# Cheaper alternative to Airport Express?



## Admark (Jun 11, 2005)

I'm kind of new to the world of wireless and networking. I've currently got a rather cheap Netgear router that I use with DSL. It works great, but we have now become a two-laptop family and will slowly stop using our desktop machine. Wireless printing now seems a necessity.

I'm thinking Airport Express would solve our problems. I just wonder if there's a cheaper (non-Apple?) alternative that would allow wireless printing. Like is there something I can add to my current Netgear router? Or should I just part with the $129 for AE and get on with life?

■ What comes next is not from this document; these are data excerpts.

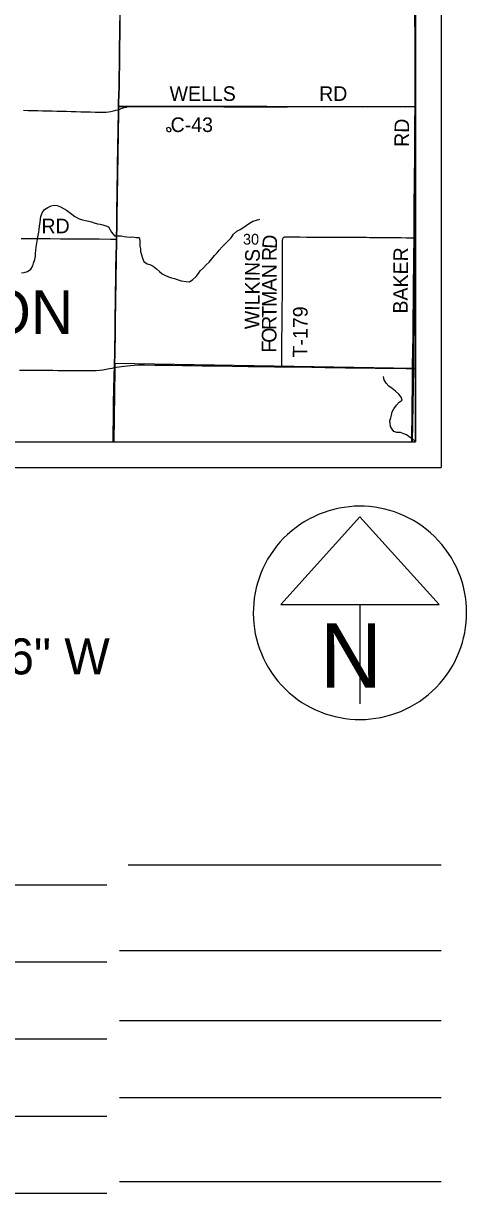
# Model space of a CAD drawing. Extents: x 0 to 34, y 0 to 22.
# Drawn here: x 7.376 to 9.099, y 11.177 to 15.728 of the extents above; entities that cross this region are included whole.
import ezdxf

# ---------------------------------------------------------------- set-up
doc = ezdxf.new("R2010")
doc.units = 0
for name, color, linetype in [('GM_X_Corporation', 7, 'Continuous'), ('GM_X_County_Road', 7, 'Continuous'), ('GM_X_County_Road_Text', 7, 'Continuous'), ('GM_X_Minor_Lake', 7, 'Continuous'), ('GM_X_Minor_River', 7, 'Continuous'), ('GM_X_Section_Text', 7, 'Continuous'), ('GM_X_State_Route', 7, 'Continuous'), ('GM_X_Township_Road', 7, 'Continuous'), ('GM_X_Township_Road_Text', 7, 'Continuous'), ('GM_X_Township_Text', 7, 'Continuous'), ('SH_Data', 7, 'Continuous'), ('SH_Text', 7, 'Continuous')]:
    doc.layers.add(name, color=color, linetype=linetype)

msp = doc.modelspace()

# ---------------------------------------------------------------- linework, layer by layer
at = {"layer": 'GM_X_Corporation'}
for points in [[(7.751, 15.7381), (7.7505, 15.7051), (7.7503, 15.6765), (7.7499, 15.6467), (7.7497, 15.6349), (7.7492, 15.5871), (7.7489, 15.5728), (7.7482, 15.5131), (7.748, 15.4939), (7.7477, 15.4771), (7.7472, 15.4541), (7.7462, 15.4168), (7.7459, 15.4045), (7.7457, 15.3926), (7.7453, 15.364), (7.7448, 15.3385), (7.7443, 15.3106), (7.7434, 15.2478), (7.742, 15.1714), (7.7413, 15.1329), (7.7407, 15.1006), (7.7404, 15.0801), (7.7402, 15.0614), (7.7397, 15.0055), (7.7394, 14.9732), (7.7386, 14.9328), (7.7381, 14.9042), (7.7379, 14.8877), (7.7377, 14.8713), (7.7364, 14.8204), (7.7359, 14.7825), (7.735, 14.7334), (7.734, 14.6775), (7.7336, 14.6402), (7.733, 14.593), (7.7325, 14.5557), (7.7322, 14.5097), (7.7316, 14.4612), (7.7309, 14.4289), (7.7307, 14.4184), (7.7307, 14.4153), (7.7304, 14.3991), (7.7301, 14.391), (7.73, 14.3894), (7.7295, 14.381), (7.7288, 14.3569), (7.7275, 14.3041), (7.7265, 14.2532), (7.7262, 14.2215), (7.7257, 14.1817), (7.725, 14.1395), (7.7245, 14.1071), (7.7244, 14.1), (8.9, 14.1), (8.9, 20.4201)], [(7.751, 15.7381), (7.7505, 15.7051), (7.7503, 15.6765), (7.7499, 15.6467), (7.7497, 15.6349), (7.7492, 15.5871), (7.7489, 15.5728), (7.7482, 15.5131), (7.748, 15.4939), (7.7477, 15.4771), (7.7472, 15.4541), (7.7462, 15.4168), (7.7459, 15.4045), (7.7457, 15.3926), (7.7453, 15.364), (7.7448, 15.3385), (7.7443, 15.3106), (7.7434, 15.2478), (7.742, 15.1714), (7.7413, 15.1329), (7.7407, 15.1006), (7.7404, 15.0801), (7.7402, 15.0614), (7.7397, 15.0055), (7.7394, 14.9732), (7.7386, 14.9328), (7.7381, 14.9042), (7.7379, 14.8877), (7.7377, 14.8713), (7.7364, 14.8204), (7.7359, 14.7825), (7.735, 14.7334), (7.734, 14.6775), (7.7336, 14.6402), (7.733, 14.593), (7.7325, 14.5557), (7.7322, 14.5097), (7.7316, 14.4612), (7.7309, 14.4289), (7.7307, 14.4184), (7.7307, 14.4153), (7.7304, 14.3991), (7.7301, 14.391), (7.73, 14.3894), (7.7295, 14.381), (7.7288, 14.3569), (7.7275, 14.3041), (7.7265, 14.2532), (7.7262, 14.2215), (7.7257, 14.1817), (7.725, 14.1395), (7.7245, 14.1071), (7.7244, 14.1), (8.9, 14.1), (8.9, 16.4207)], [(2.1, 14.1), (7.7244, 14.1), (7.7245, 14.1071), (7.725, 14.1395), (7.7257, 14.1817), (7.7262, 14.2215), (7.7265, 14.2532), (7.7275, 14.3041), (7.7288, 14.3569), (7.7295, 14.381), (7.73, 14.3894), (7.7301, 14.391), (7.7304, 14.3991), (7.7307, 14.4153), (7.7307, 14.4184), (7.7309, 14.4289), (7.7316, 14.4612), (7.7322, 14.5097), (7.7325, 14.5557), (7.733, 14.593), (7.7336, 14.6402), (7.734, 14.6775), (7.735, 14.7334), (7.7359, 14.7825), (7.7364, 14.8204), (7.7377, 14.8713), (7.7379, 14.8877), (7.7381, 14.9042), (7.7386, 14.9328), (7.7394, 14.9732), (7.7397, 15.0055), (7.7402, 15.0614), (7.7404, 15.0801), (7.7407, 15.1006), (7.7413, 15.1329), (7.742, 15.1714), (7.7434, 15.2478), (7.7443, 15.3106), (7.7448, 15.3385), (7.7453, 15.364), (7.7457, 15.3926), (7.7459, 15.4045), (7.7462, 15.4168), (7.7472, 15.4541), (7.7477, 15.4771), (7.748, 15.4939), (7.7482, 15.5131), (7.7489, 15.5728), (7.7492, 15.5871), (7.7497, 15.6349), (7.7499, 15.6467), (7.7503, 15.6765), (7.7505, 15.7051), (7.751, 15.7381)], [(2.1, 14.1), (7.7244, 14.1), (7.7245, 14.1071), (7.725, 14.1395), (7.7257, 14.1817), (7.7262, 14.2215), (7.7265, 14.2532), (7.7275, 14.3041), (7.7288, 14.3569), (7.7295, 14.381), (7.73, 14.3894), (7.7301, 14.391), (7.7304, 14.3991), (7.7307, 14.4153), (7.7307, 14.4184), (7.7309, 14.4289), (7.7316, 14.4612), (7.7322, 14.5097), (7.7325, 14.5557), (7.733, 14.593), (7.7336, 14.6402), (7.734, 14.6775), (7.735, 14.7334), (7.7359, 14.7825), (7.7364, 14.8204), (7.7377, 14.8713), (7.7379, 14.8877), (7.7381, 14.9042), (7.7386, 14.9328), (7.7394, 14.9732), (7.7397, 15.0055), (7.7402, 15.0614), (7.7404, 15.0801), (7.7407, 15.1006), (7.7413, 15.1329), (7.742, 15.1714), (7.7434, 15.2478), (7.7443, 15.3106), (7.7448, 15.3385), (7.7453, 15.364), (7.7457, 15.3926), (7.7459, 15.4045), (7.7462, 15.4168), (7.7472, 15.4541), (7.7477, 15.4771), (7.748, 15.4939), (7.7482, 15.5131), (7.7489, 15.5728), (7.7492, 15.5871), (7.7497, 15.6349), (7.7499, 15.6467), (7.7503, 15.6765), (7.7505, 15.7051), (7.751, 15.7381)]]:
    msp.add_lwpolyline(points, dxfattribs=at)
for points in [[(8.8965, 16.4176), (8.8984, 15.4027), (7.7473, 15.4057), (7.7624, 16.3866), (7.7629, 16.4174)], [(8.9, 15.4027), (8.9, 16.4176), (8.8965, 16.4176), (8.8984, 15.4027)], [(7.7473, 15.4057), (8.8984, 15.4027), (8.8924, 14.3857), (7.732, 14.4048), (7.7468, 15.3804)], [(8.9, 14.3857), (8.9, 15.4027), (8.8984, 15.4027), (8.8924, 14.3857)], [(7.7271, 14.1), (8.8882, 14.1), (8.8924, 14.3857), (7.732, 14.4048), (7.7316, 14.38)], [(8.8882, 14.1), (8.9, 14.1), (8.9, 14.3857), (8.8924, 14.3857)]]:
    msp.add_lwpolyline(points, close=True, dxfattribs=at)
at = {"layer": 'GM_X_County_Road'}
for p, q in [((7.7459, 15.3921), (7.7462, 15.4039)), ((8.8991, 15.4042), (8.9, 15.4042)), ((7.738, 14.8868), (7.738, 14.8888)), ((7.7298, 14.3804), (7.7302, 14.3889))]:
    msp.add_line(p, q, dxfattribs=at)
for points in [[(7.7462, 15.4039), (7.7464, 15.4163), (7.7474, 15.4535), (7.7477, 15.465), (7.7479, 15.4765), (7.7482, 15.4933), (7.7485, 15.5126), (7.7489, 15.5499), (7.749, 15.5611), (7.7491, 15.5722), (7.7494, 15.5865), (7.7498, 15.6198), (7.75, 15.6344), (7.7501, 15.6462), (7.7503, 15.6611), (7.7505, 15.676), (7.7508, 15.7046), (7.7512, 15.7375)], [(7.3758, 15.3899), (7.3944, 15.3894), (7.413, 15.389), (7.4317, 15.3885), (7.4503, 15.388), (7.4689, 15.3876), (7.4876, 15.3871), (7.5062, 15.3866), (7.5248, 15.3862), (7.5435, 15.3857), (7.5621, 15.3852), (7.5807, 15.3848), (7.5994, 15.3843), (7.618, 15.3838), (7.6367, 15.3833), (7.6553, 15.3829), (7.6669, 15.3826), (7.6785, 15.3823), (7.688, 15.3825), (7.6975, 15.3828), (7.707, 15.3838), (7.7164, 15.3852), (7.7258, 15.3871), (7.735, 15.3896), (7.7459, 15.3921)], [(7.738, 14.8888), (7.7383, 14.9037), (7.7386, 14.918), (7.7389, 14.9323), (7.7396, 14.9727), (7.7399, 15.005), (7.7401, 15.0236), (7.7403, 15.0423), (7.7404, 15.0516), (7.7406, 15.0795), (7.7407, 15.0898), (7.7409, 15.1), (7.7415, 15.1323), (7.7419, 15.151), (7.7421, 15.1609), (7.7422, 15.1709), (7.7432, 15.2268), (7.7436, 15.2473), (7.7442, 15.2846), (7.7446, 15.3101), (7.7448, 15.324), (7.745, 15.338), (7.7455, 15.3635), (7.7459, 15.3921)], [(7.7459, 15.3921), (7.7459, 15.3921), (7.7561, 15.3963), (7.7644, 15.3991), (7.7731, 15.4016), (7.7762, 15.4024)], [(7.7462, 15.4039), (7.75, 15.404), (7.7555, 15.404), (7.7646, 15.4041), (7.7707, 15.404), (7.7718, 15.4039), (7.7725, 15.4038), (7.7736, 15.4036), (7.7743, 15.4034), (7.7752, 15.4029), (7.7762, 15.4024)], [(7.7762, 15.4024), (7.7791, 15.4031), (7.7851, 15.404), (7.7937, 15.4045), (7.8384, 15.4042), (7.9136, 15.404), (7.9534, 15.404), (8.0199, 15.4039), (8.0498, 15.4039), (8.0926, 15.4039), (8.1299, 15.4041), (8.1554, 15.4038), (8.1939, 15.4037), (8.22, 15.4038), (8.2623, 15.4037), (8.3095, 15.4037), (8.3692, 15.4038), (8.4027, 15.4037), (8.4661, 15.4039), (8.4959, 15.4042), (8.5171, 15.4041), (8.5481, 15.4038), (8.6053, 15.404), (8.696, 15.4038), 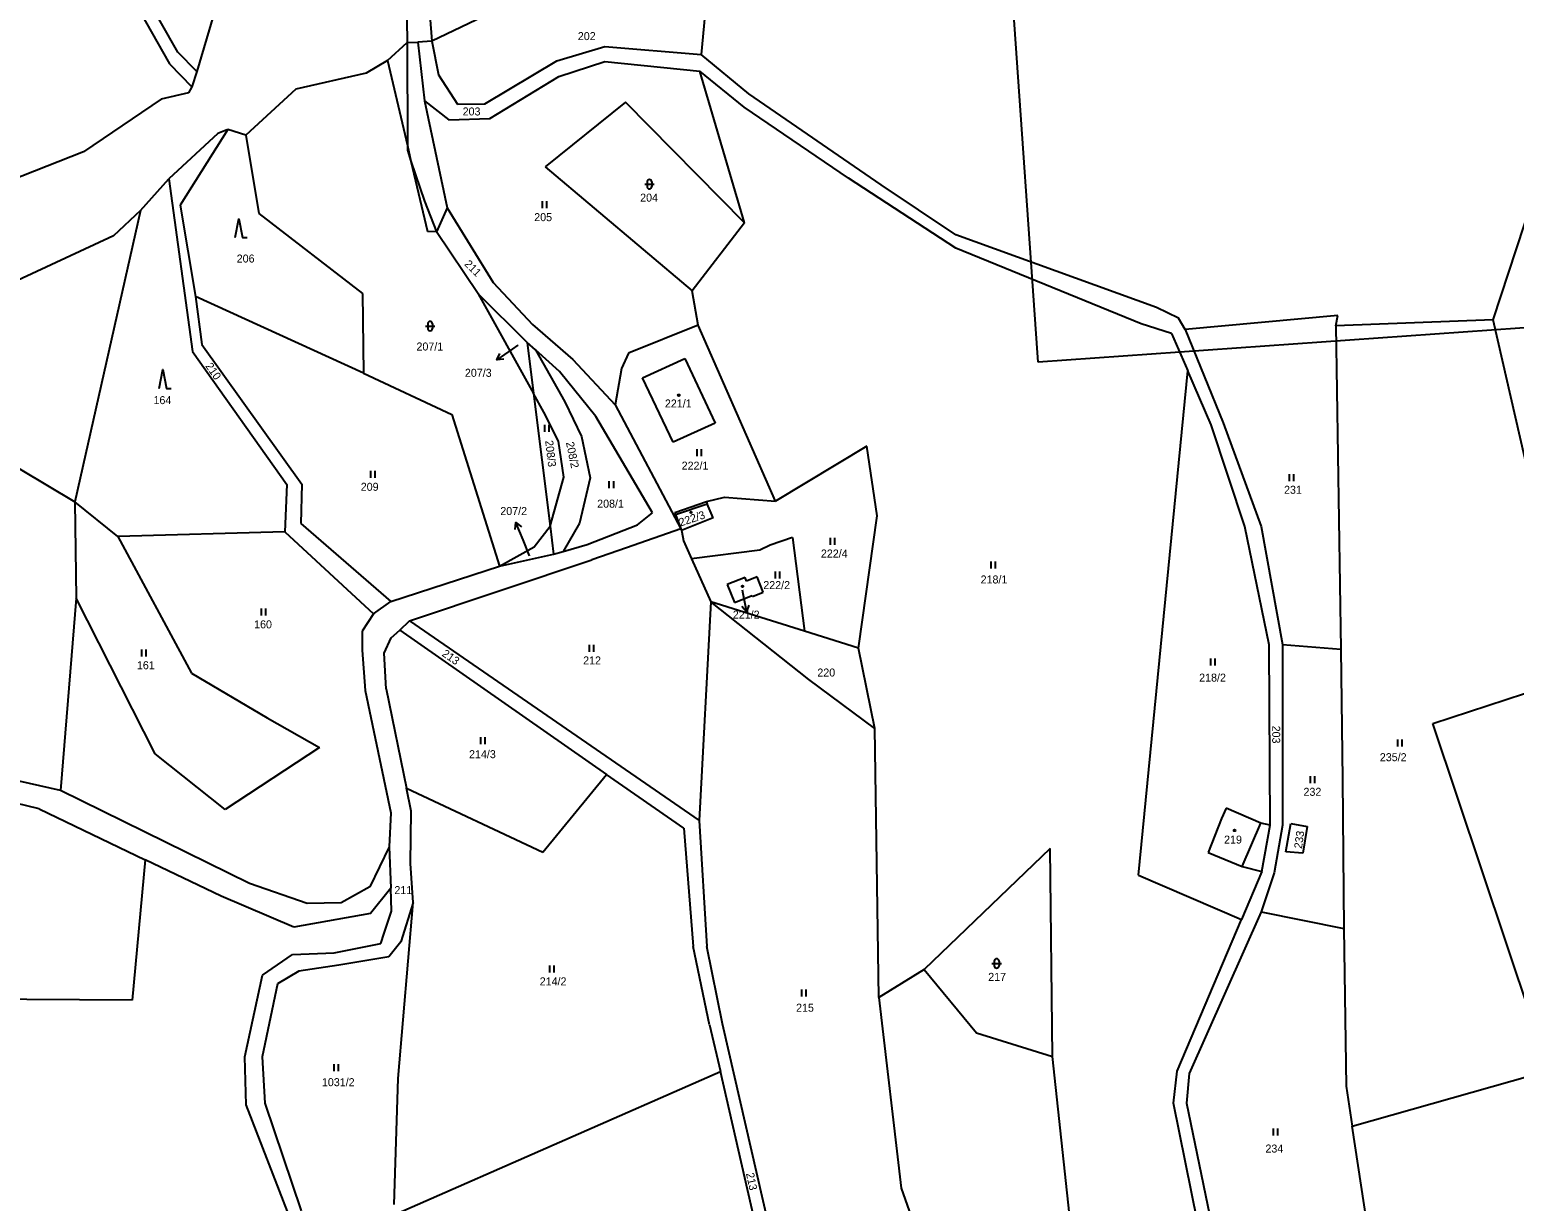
# Model space of a CAD drawing. Extents: x -670359 to -668019, y -978807 to -976674.
# Drawn here: x -669891.1 to -669575.5, y -977465.8 to -977216.7 of the extents above; entities that cross this region are included whole.
import ezdxf

# ---------------------------------------------------------------- set-up
doc = ezdxf.new("R2010")
doc.units = 0
for name, color, linetype in [('Hranice parcel', 7, 'Continuous'), ('Parcelní čísla', 7, 'Continuous'), ('Vnitřní kresba', 7, 'Continuous'), ('Značky budov', 7, 'Continuous'), ('Značky kultur', 7, 'Continuous')]:
    doc.layers.add(name, color=color, linetype=linetype)

msp = doc.modelspace()

# ---------------------------------------------------------------- linework, layer by layer
at = {"layer": 'Defpoints'}
for p, q in [((-669676.69, -977287.4), (-669697.04, -976999.11)), ((-669257.73, -977257.82), (-669676.69, -977287.4))]:
    msp.add_line(p, q, dxfattribs=at)
at = {"layer": 'Hranice parcel'}
for p, q in [((-669739.01, -977333.17), (-669742.81, -977334.66)), ((-669738.72, -977333.92), (-669739.01, -977333.17)), ((-669736.45, -977333.03), (-669738.72, -977333.92)), ((-669735.16, -977336.25), (-669736.45, -977333.03)), ((-669742.81, -977334.66), (-669741.28, -977338.46)), ((-669737.46, -977337.16), (-669735.16, -977336.25)), ((-669741.28, -977338.46), (-669737.54, -977336.98)), ((-669737.54, -977336.98), (-669737.46, -977337.16))]:
    msp.add_line(p, q, dxfattribs=at)
for points in [[(-669745.97, -977196.23), (-669748.39, -977221.98)], [(-669873.73, -977202.11), (-669861.38, -977223.93)], [(-669859.63, -977221.44), (-669870.61, -977202.09)], [(-669780.54, -977207.07), (-669805.6, -977219.15)], [(-669852, -977213.57), (-669855.6, -977225.55)], [(-669805.6, -977219.15), (-669808.62, -977219.32)], [(-669808.62, -977219.32), (-669807.2, -977231.84)], [(-669805.6, -977219.15), (-669804.19, -977226.31)], [(-669855.6, -977225.55), (-669859.63, -977221.44)], [(-669779.01, -977223.28), (-669768.87, -977220.26)], [(-669768.87, -977220.26), (-669748.39, -977221.98)], [(-669738.19, -977230.31), (-669748.39, -977221.98)], [(-669861.38, -977223.93), (-669856.65, -977228.85)], [(-669855.6, -977225.55), (-669856.65, -977228.85)], [(-669819.61, -977225.91), (-669834.51, -977229.35)], [(-669815.03, -977223.23), (-669819.61, -977225.91)], [(-669815.03, -977223.23), (-669810.82, -977241.3)], [(-669794.32, -977232.48), (-669779.01, -977223.28)], [(-669778.6, -977226.63), (-669768.86, -977223.46)], [(-669768.86, -977223.46), (-669748.61, -977225.5)], [(-669739.21, -977233.19), (-669748.61, -977225.5)], [(-669739.16, -977257.72), (-669748.61, -977225.5)], [(-669856.65, -977228.85), (-669857.35, -977230.1)], [(-669804.19, -977226.31), (-669800.16, -977232.52)], [(-669793.26, -977235.59), (-669778.6, -977226.63)], [(-669863.14, -977231.48), (-669879.68, -977242.68)], [(-669857.35, -977230.1), (-669863.14, -977231.48)], [(-669834.51, -977229.35), (-669845.14, -977239.1)], [(-669807.2, -977231.84), (-669802.36, -977254.58)], [(-669807.2, -977231.84), (-669801.98, -977235.88)], [(-669764.41, -977232.06), (-669781.53, -977245.83)], [(-669739.16, -977257.72), (-669764.41, -977232.06)], [(-669710.1, -977249.64), (-669738.19, -977230.31)], [(-669800.16, -977232.52), (-669794.32, -977232.48)], [(-669717.06, -977248.24), (-669739.21, -977233.19)], [(-669848.97, -977237.91), (-669859.14, -977253.96)], [(-669848.97, -977237.91), (-669851.13, -977238.73)], [(-669845.14, -977239.1), (-669848.97, -977237.91)], [(-669801.98, -977235.88), (-669793.26, -977235.59)], [(-669851.13, -977238.73), (-669861.56, -977248.4)], [(-669845.14, -977239.1), (-669842.41, -977255.78)], [(-669810.82, -977241.3), (-669810.05, -977244.62)], [(-669879.68, -977242.68), (-669903.28, -977251.92)], [(-669810.05, -977244.62), (-669806.57, -977259.56)], [(-669781.53, -977245.83), (-669750.28, -977272.17)], [(-669867.54, -977255.16), (-669861.56, -977248.4)], [(-669861.56, -977248.4), (-669856.49, -977285.11)], [(-669694.19, -977263.13), (-669717.06, -977248.24)], [(-669694.2, -977260.33), (-669710.1, -977249.64)], [(-669579.99, -977278.35), (-669570.08, -977248.16)], [(-669859.14, -977253.96), (-669855.83, -977273.44)], [(-669867.54, -977255.16), (-669881.51, -977317.07)], [(-669867.54, -977255.16), (-669873.27, -977260.54)], [(-669842.41, -977255.78), (-669820.33, -977272.75)], [(-669802.36, -977254.58), (-669804.65, -977259.63)], [(-669802.36, -977254.58), (-669792.59, -977270.43)], [(-669873.27, -977260.54), (-669899.87, -977272.82)], [(-669804.65, -977259.63), (-669806.57, -977259.56)], [(-669795.78, -977272.85), (-669804.65, -977259.63)], [(-669739.16, -977257.72), (-669750.28, -977272.17)], [(-669651.58, -977275.74), (-669694.2, -977260.33)], [(-669654.84, -977279.2), (-669694.19, -977263.13)], [(-669820.33, -977272.75), (-669820.16, -977289.69)], [(-669795.78, -977272.85), (-669783.98, -977294.05)], [(-669785.33, -977283.17), (-669795.78, -977272.85)], [(-669792.59, -977270.43), (-669784.23, -977279.33)], [(-669749.03, -977279.5), (-669750.28, -977272.17)], [(-669855.83, -977273.44), (-669854.5, -977283.58)], [(-669820.16, -977289.69), (-669855.83, -977273.44)], [(-669646.85, -977278.03), (-669651.58, -977275.74)], [(-669784.23, -977279.33), (-669775.63, -977286.79)], [(-669749.03, -977279.5), (-669763.8, -977285.44)], [(-669732.56, -977316.93), (-669749.03, -977279.5)], [(-669648.35, -977281.24), (-669654.84, -977279.2)], [(-669645.47, -977280.42), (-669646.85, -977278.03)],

And another thing; if I do get AE, can I still use my Netgear router in some fashion, to extend the signal? Seems like I heard something about that.


----------



## gsahli (Jun 11, 2005)

Let me address the wireless printing part. Airport Extreme/Express offer an advantage that no other device can - you can use your USB printer driver to print through AEX, because the airport software redirects USB printer output to the AEX USB port. This isn't IP printing. Using any other print server does require IP printing. The main problem there is that nearly all non-postscript printer drivers on OS X bypass CUPS and are designed only for local connections. The non-postscript OEM drivers Can't do IP printing, so you have to use Gimp-Print or some other substitute CUPS driver. (Brother is an exception - thay have CUPS drivers)

Hope this helps.


----------



## Admark (Jun 11, 2005)

Terms I don't know: AEX, IP printing, CUPS, Gimp-Print . . . that's okay, you don't have to define them. I think I get the gist of your post: Yes, there may be other solutions for me, but they'll be a really big hassle. Is that right?


----------



## jh2112 (Jun 12, 2005)

I have both a netgear router (which connects me to the net wirelessly,) and an Airport Express (which I use for stand alone speakers, wireless printing and it does extend the wireless range.)
Just get one!!
So easy to set up, it's worth the cash. The wireless printing is a major plus too.
I have no cables attached to my powerbook, with all the functionality I could hope for.
Just remember to change the wireless channel of your netgear to 12 or it can cause issue with music playback!


----------



## gsahli (Jun 12, 2005)

Admark,
Ya, the short version is that Airport Extreme or Express are less hassle for Macs.

AEX - abbreviation for Airport Extreme/Express (not everyone uses this).

CUPS - the open source print control system used in OS X.

IP printing - Network printing that isn't printer sharing or Airport Express.


----------